# How Do I get a ticker in my Sig



## HLaB (2 Dec 2011)

Its quite simple but it took me until AuntieHelen posted a few days back how to do it to investigate, to get a MyCyclingLog style ticker in the signature. It just involves copying somebody else's signature, modifying it to be based on your MCL user name and inserting it as an image in your signature. 
NB the whole thing is courtesy of Lock on the BV forum 
Shaun, perhaps some sort of explanation can be placed in the 'How do I .... ?' forum.


----------



## Shaun (4 Dec 2011)

If someone can send me the "getting a ticker" part - web site address, how to sign-up and get your ticker code - I'll add the "how to add it as a sig" bit and post it in the How do I ...? forum.

Cheers,
Shaun


----------



## HLaB (4 Dec 2011)

Admin said:


> If someone can send me the "getting a ticker" part - web site address, how to sign-up and get your ticker code - I'll add the "how to add it as a sig" bit and post it in the How do I ...? forum.
> 
> Cheers,
> Shaun


There's no sign up, its we program or something written by Lock on the BV forums which reads MyCyclinglog data (you need of course to have an account there. This is my data:
http://locksrandomwebservices.appspot.com/MyCyclingLogProgress?user=HLaB&gid=528&goal=47&units=mi
You just need to change the user name, to your own and set a appropriate goal and if you want to change unit=mi (miles) to unit=km and insert it in the signature as an image.


----------



## ColinJ (4 Dec 2011)

I was wondering what _gid_ was but I've just worked out that it is the CycleChat group id (528)!


----------



## Shaun (4 Dec 2011)

Okay, I understand all that, but *where* do you create the account in the first place? What's the web address and what information do you provide to setup the account - that you then 'link' to the ticker in your signature?

Cheers,
Shaun


----------



## ColinJ (4 Dec 2011)

Admin said:


> Okay, I understand all that, but *where* do you create the account in the first place?

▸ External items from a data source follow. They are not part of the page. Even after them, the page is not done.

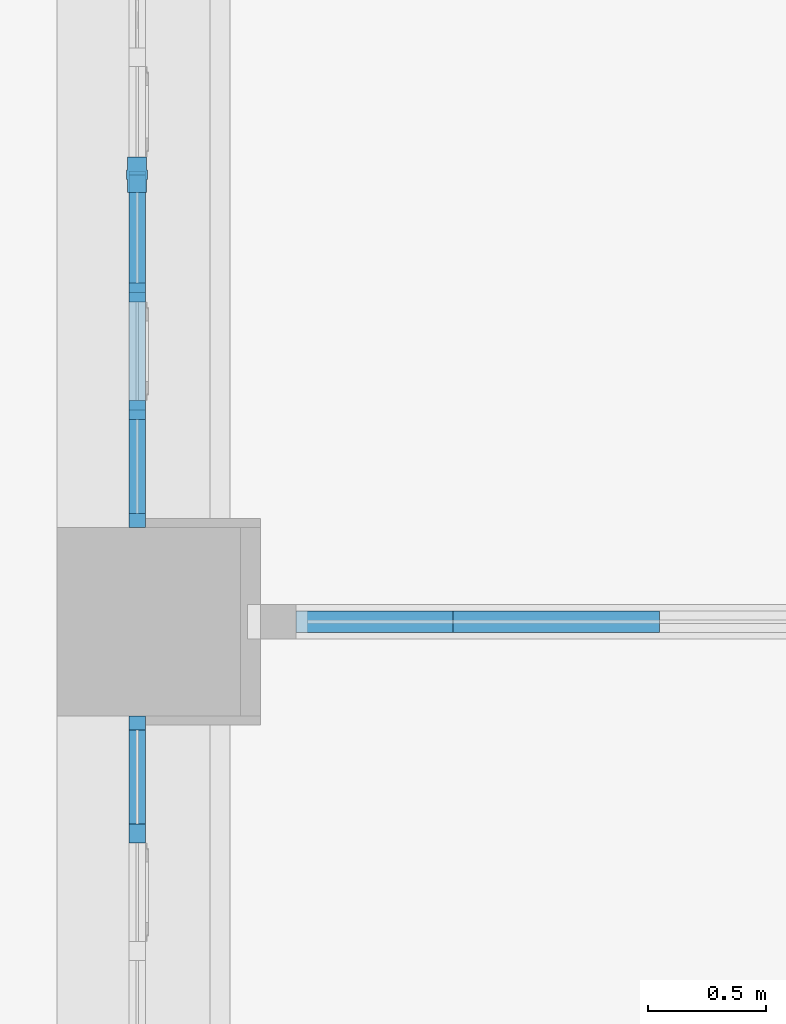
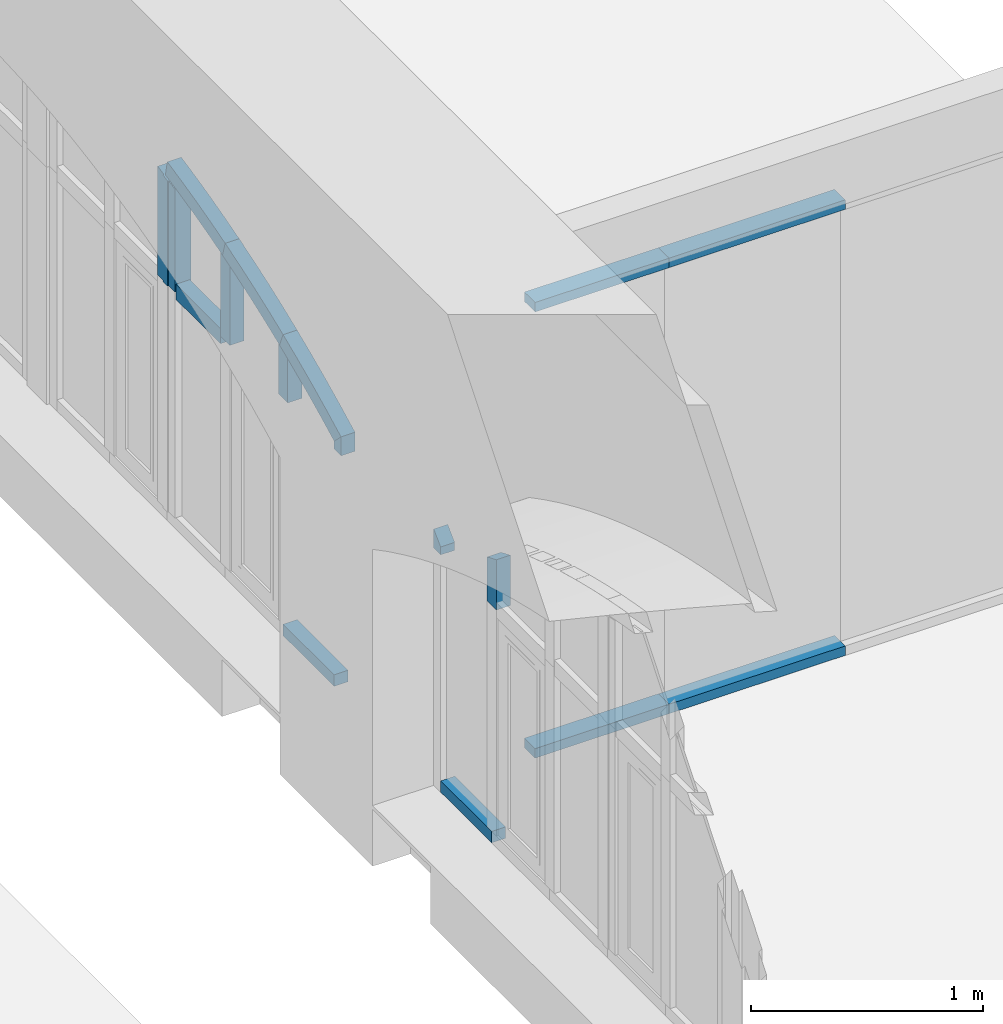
# One storey, part 29 of 88: 16 members, 3 elements without a shape of their own.
"""IFC2X3 building model written with IfcOpenShell, lengths in millimetres."""

from ifc_helpers import new_model, entity, si_unit, converted_unit, derived_unit, direction, frame, frame_2d, origin, place, context, subcontext, project, spatial, polyline, circle_curve, parameter, trimmed, segment, composite_curve, rectangle, outline, extrude, faceted_brep, source, transform, mapped, material, type_object, type_shapes, element, aggregate, save


model = new_model("IFC2X3")

# Units and contexts
model_context = context("Model", 3, precision=0.01, world=origin(), true_north=direction((6.123031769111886e-17, 1.0)))
body_context = subcontext(model_context, "Body", "Model", "MODEL_VIEW")
ifc_project = project(units=[si_unit("LENGTHUNIT", "METRE", prefix="MILLI"), si_unit("AREAUNIT", "SQUARE_METRE"), si_unit("VOLUMEUNIT", "CUBIC_METRE"), converted_unit("PLANEANGLEUNIT", "DEGREE", entity("IfcPlaneAngleMeasure", 0.017453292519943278), si_unit("PLANEANGLEUNIT", "RADIAN"), dimensions=[0, 0, 0, 0, 0, 0, 0]), si_unit("MASSUNIT", "GRAM", prefix="KILO"), derived_unit("MASSDENSITYUNIT", [(si_unit("MASSUNIT", "GRAM", prefix="KILO"), 1), (si_unit("LENGTHUNIT", "METRE"), -3)]), derived_unit("IONCONCENTRATIONUNIT", [(si_unit("MASSUNIT", "GRAM", prefix="KILO"), 1), (si_unit("LENGTHUNIT", "METRE"), -3)]), derived_unit("MOMENTOFINERTIAUNIT", [(si_unit("LENGTHUNIT", "METRE"), 4)]), si_unit("TIMEUNIT", "SECOND"), si_unit("FREQUENCYUNIT", "HERTZ"), si_unit("THERMODYNAMICTEMPERATUREUNIT", "DEGREE_CELSIUS"), derived_unit("THERMALTRANSMITTANCEUNIT", [(si_unit("MASSUNIT", "GRAM", prefix="KILO"), 1), (si_unit("THERMODYNAMICTEMPERATUREUNIT", "KELVIN"), -1), (si_unit("TIMEUNIT", "SECOND"), -3)]), derived_unit("THERMALCONDUCTANCEUNIT", [(si_unit("MASSUNIT", "GRAM", prefix="KILO"), 1), (si_unit("THERMODYNAMICTEMPERATUREUNIT", "KELVIN"), -1), (si_unit("TIMEUNIT", "SECOND"), -3), (si_unit("LENGTHUNIT", "METRE"), 1)]), derived_unit("VOLUMETRICFLOWRATEUNIT", [(si_unit("LENGTHUNIT", "METRE", prefix="DECI"), 3), (si_unit("TIMEUNIT", "SECOND"), -1)]), derived_unit("MASSFLOWRATEUNIT", [(si_unit("MASSUNIT", "GRAM", prefix="KILO"), 1), (si_unit("TIMEUNIT", "SECOND"), -1)]), derived_unit("ROTATIONALFREQUENCYUNIT", [(si_unit("TIMEUNIT", "SECOND"), -1)]), si_unit("ELECTRICCURRENTUNIT", "AMPERE"), si_unit("ELECTRICVOLTAGEUNIT", "VOLT"), si_unit("POWERUNIT", "WATT"), si_unit("FORCEUNIT", "NEWTON", prefix="KILO"), si_unit("ILLUMINANCEUNIT", "LUX"), si_unit("LUMINOUSFLUXUNIT", "LUMEN"), si_unit("LUMINOUSINTENSITYUNIT", "CANDELA"), si_unit("ENERGYUNIT", "JOULE"), derived_unit("USERDEFINED", [(si_unit("MASSUNIT", "GRAM", prefix="KILO"), -1), (si_unit("LENGTHUNIT", "METRE"), -2), (si_unit("TIMEUNIT", "SECOND"), 3), (si_unit("LUMINOUSFLUXUNIT", "LUMEN"), 1)]), derived_unit("USERDEFINED", [(si_unit("MASSUNIT", "GRAM", prefix="KILO"), 1), (si_unit("TIMEUNIT", "SECOND"), -3), (si_unit("LENGTHUNIT", "METRE"), 3), (si_unit("ELECTRICCURRENTUNIT", "AMPERE"), -2)]), derived_unit("SOUNDPOWERUNIT", [(si_unit("MASSUNIT", "GRAM", prefix="KILO"), 1), (si_unit("TIMEUNIT", "SECOND"), -3), (si_unit("LENGTHUNIT", "METRE"), 2)]), derived_unit("SOUNDPRESSUREUNIT", [(si_unit("MASSUNIT", "GRAM", prefix="KILO"), 1), (si_unit("LENGTHUNIT", "METRE"), -1), (si_unit("TIMEUNIT", "SECOND"), -2)]), derived_unit("LINEARVELOCITYUNIT", [(si_unit("LENGTHUNIT", "METRE"), 1), (si_unit("TIMEUNIT", "SECOND"), -1)]), si_unit("PRESSUREUNIT", "PASCAL"), derived_unit("USERDEFINED", [(si_unit("MASSUNIT", "GRAM", prefix="KILO"), 1), (si_unit("LENGTHUNIT", "METRE"), -2), (si_unit("TIMEUNIT", "SECOND"), -2)]), derived_unit("LINEARFORCEUNIT", [(si_unit("MASSUNIT", "GRAM", prefix="KILO"), 1), (si_unit("TIMEUNIT", "SECOND"), -2)]), derived_unit("PLANARFORCEUNIT", [(si_unit("MASSUNIT", "GRAM", prefix="KILO"), 1), (si_unit("LENGTHUNIT", "METRE"), -1), (si_unit("TIMEUNIT", "SECOND"), -2)]), derived_unit("SPECIFICHEATCAPACITYUNIT", [(si_unit("THERMODYNAMICTEMPERATUREUNIT", "KELVIN"), -1), (si_unit("LENGTHUNIT", "METRE"), 2), (si_unit("TIMEUNIT", "SECOND"), -2)]), derived_unit("HEATFLUXDENSITYUNIT", [(si_unit("MASSUNIT", "GRAM", prefix="KILO"), 1), (si_unit("TIMEUNIT", "SECOND"), -3)]), derived_unit("HEATINGVALUEUNIT", [(si_unit("LENGTHUNIT", "METRE"), 2), (si_unit("TIMEUNIT", "SECOND"), -2)]), derived_unit("VAPORPERMEABILITYUNIT", [(si_unit("LENGTHUNIT", "METRE"), -1), (si_unit("TIMEUNIT", "SECOND"), 1)]), derived_unit("DYNAMICVISCOSITYUNIT", [(si_unit("MASSUNIT", "GRAM", prefix="KILO"), 1), (si_unit("TIMEUNIT", "SECOND"), -1), (si_unit("LENGTHUNIT", "METRE"), -1)]), derived_unit("THERMALEXPANSIONCOEFFICIENTUNIT", [(si_unit("THERMODYNAMICTEMPERATUREUNIT", "KELVIN"), -1)]), derived_unit("MODULUSOFELASTICITYUNIT", [(si_unit("MASSUNIT", "GRAM", prefix="KILO"), 1), (si_unit("LENGTHUNIT", "METRE"), -1), (si_unit("TIMEUNIT", "SECOND"), -2)]), derived_unit("ISOTHERMALMOISTURECAPACITYUNIT", [(si_unit("MASSUNIT", "GRAM", prefix="KILO"), -1), (si_unit("LENGTHUNIT", "METRE"), 3)]), derived_unit("MOISTUREDIFFUSIVITYUNIT", [(si_unit("TIMEUNIT", "SECOND"), -1), (si_unit("LENGTHUNIT", "METRE"), 2)]), derived_unit("MASSPERLENGTHUNIT", [(si_unit("MASSUNIT", "GRAM", prefix="KILO"), 1), (si_unit("LENGTHUNIT", "METRE"), -1)]), derived_unit("THERMALRESISTANCEUNIT", [(si_unit("MASSUNIT", "GRAM", prefix="KILO"), -1), (si_unit("TIMEUNIT", "SECOND"), 3), (si_unit("THERMODYNAMICTEMPERATUREUNIT", "KELVIN"), 1)]), derived_unit("ACCELERATIONUNIT", [(si_unit("LENGTHUNIT", "METRE"), 1), (si_unit("TIMEUNIT", "SECOND"), -2)]), derived_unit("ANGULARVELOCITYUNIT", [(si_unit("TIMEUNIT", "SECOND"), -1), (si_unit("PLANEANGLEUNIT", "RADIAN"), 1)]), derived_unit("LINEARSTIFFNESSUNIT", [(si_unit("MASSUNIT", "GRAM", prefix="KILO"), 1), (si_unit("TIMEUNIT", "SECOND"), -2)]), derived_unit("WARPINGCONSTANTUNIT", [(si_unit("LENGTHUNIT", "METRE"), 6)]), derived_unit("LINEARMOMENTUNIT", [(si_unit("MASSUNIT", "GRAM", prefix="KILO"), 1), (si_unit("LENGTHUNIT", "METRE"), 1), (si_unit("TIMEUNIT", "SECOND"), -2)]), derived_unit("TORQUEUNIT", [(si_unit("MASSUNIT", "GRAM", prefix="KILO"), 1), (si_unit("LENGTHUNIT", "METRE"), 2), (si_unit("TIMEUNIT", "SECOND"), -2)])], contexts=[model_context])

# Site, building, storey
site_placement = place(None, origin())
site = spatial("IfcSite", under=ifc_project, at=site_placement, Name="Default", CompositionType="ELEMENT")
building_placement = place(site_placement, origin())
building = spatial("IfcBuilding", under=site, at=building_placement, Name="Eesti Rahvusraamatukogu hoone renoveerimise projekteerimistööd", CompositionType="ELEMENT")
storey_placement = place(building_placement, origin())
storey = spatial("IfcBuildingStorey", under=building, at=storey_placement, Name="1. korrus", CompositionType="ELEMENT", Elevation=0.0)

# Curtain wall, members
curtain_wall_type_1 = type_object("IfcCurtainWallType", Name="Curtain Wall:VLS Klaasvahesein profiilita 38db", PredefinedType="NOTDEFINED")
curtain_wall_1_placement = place(storey_placement, origin())
curtain_wall_1 = element("IfcCurtainWall", 1, at=curtain_wall_1_placement, inside=storey, type_object=curtain_wall_type_1, Name="Curtain Wall:VLS Klaasvahesein profiilita 38db", ObjectType="Curtain Wall:VLS Klaasvahesein profiilita 38db")
ifc_material_1 = material(Name="Aluminum")
member_type_1 = type_object("IfcMemberType", Name="Rectangular Mullion:50mm x 92mm", PredefinedType="MULLION", material=ifc_material_1)
shared_shape_1 = source(origin(), body_context, "Body", "SweptSolid", [
    extrude(rectangle(XDim=50.0, YDim=92.0, at=frame_2d((0.0, 3.552713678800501e-15), x_axis=(1.0, 0.0))), frame((-25.0, 0.0, -668.0), z_axis=(0.0, 0.0, 1.0), x_axis=(-1.0, 0.0, 0.0)), (0.0, 0.0, 1.0), 668.000000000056),
])
type_shapes(member_type_1, [shared_shape_1])
member_1_placement = place(curtain_wall_1_placement, frame((-35097.499999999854, 18390.0, 4050.0), z_axis=(1.0, 0.0, 0.0), x_axis=(0.0, 0.0, 1.0)))
member_1 = element("IfcMember", 2, at=member_1_placement, type_object=member_type_1, material=ifc_material_1, Name="Rectangular Mullion:50mm x 92mm", ObjectType="Rectangular Mullion:50mm x 92mm", context=body_context, shape_type="MappedRepresentation", body=[
    mapped(shared_shape_1, transform((0.0, 0.0, 0.0), scale=1.0)),
])
member_type_2 = type_object("IfcMemberType", Name="Rectangular Mullion:50mm x 92mm", PredefinedType="MULLION", material=ifc_material_1)
shared_shape_2 = source(origin(), body_context, "Body", "SweptSolid", [
    extrude(rectangle(XDim=50.0, YDim=92.0, at=frame_2d((0.0, 3.552713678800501e-15), x_axis=(1.0, 0.0))), frame((-25.0, 0.0, -877.5000000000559), z_axis=(0.0, 0.0, 1.0), x_axis=(-1.0, 0.0, 0.0)), (0.0, 0.0, 1.0), 877.500000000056),
])
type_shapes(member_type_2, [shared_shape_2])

What's the web address and what information do you provide to setup the account - that you then 'link' to the ticker in your signature?
> 
> Cheers,
> Shaun


Sign up at My Cycling Log, search for the _CycleChat _group here, then click the _Request Membership_ link which appears when the CycleChat group is found.


----------



## Shaun (5 Dec 2011)

How do I ... post added.


----------